*Your task:*
Down to the last line, retype the records below exactly and skip the pictures.
*** Data for processing ***
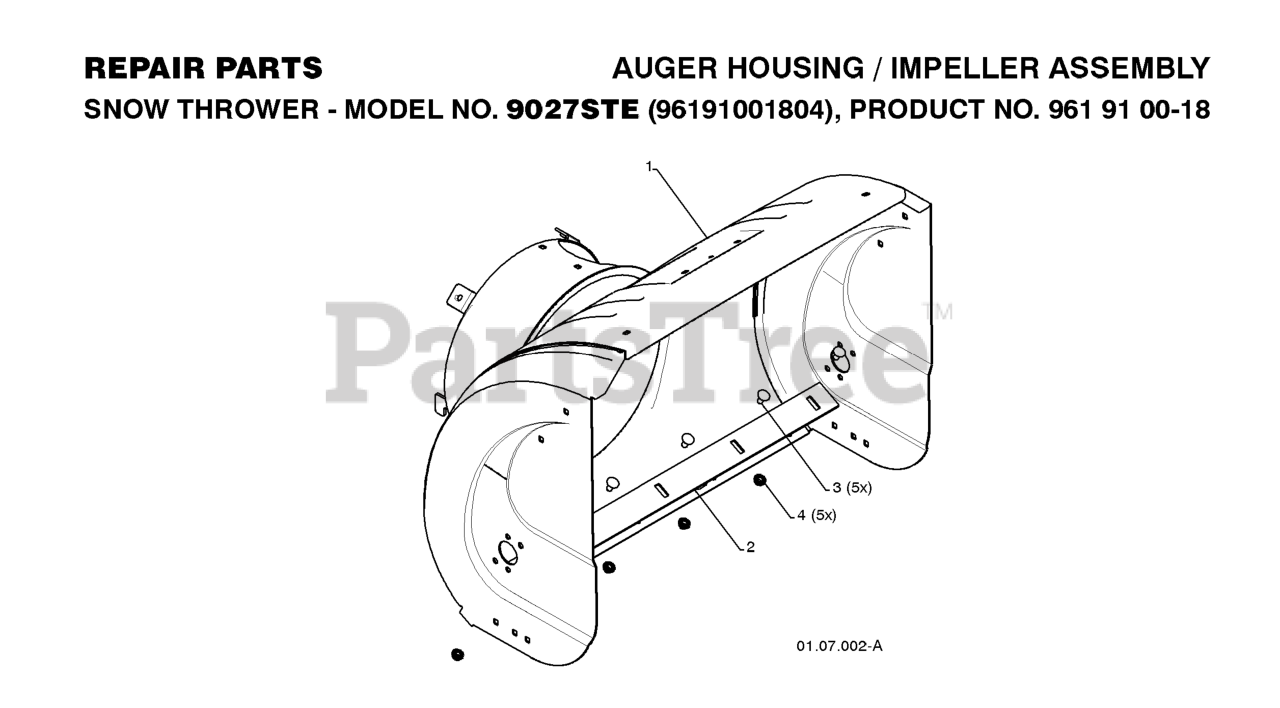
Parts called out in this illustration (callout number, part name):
1	HOUSING, AUGER
2	BAR, SCRAPER
3	BOLT
4	NUT.FLANGE.5/16
*** End of Data for processing ***
*Result below:*
Parts called out in this illustration (callout number, part name):
1	HOUSING, AUGER
2	BAR, SCRAPER
3	BOLT
4	NUT.FLANGE.5/16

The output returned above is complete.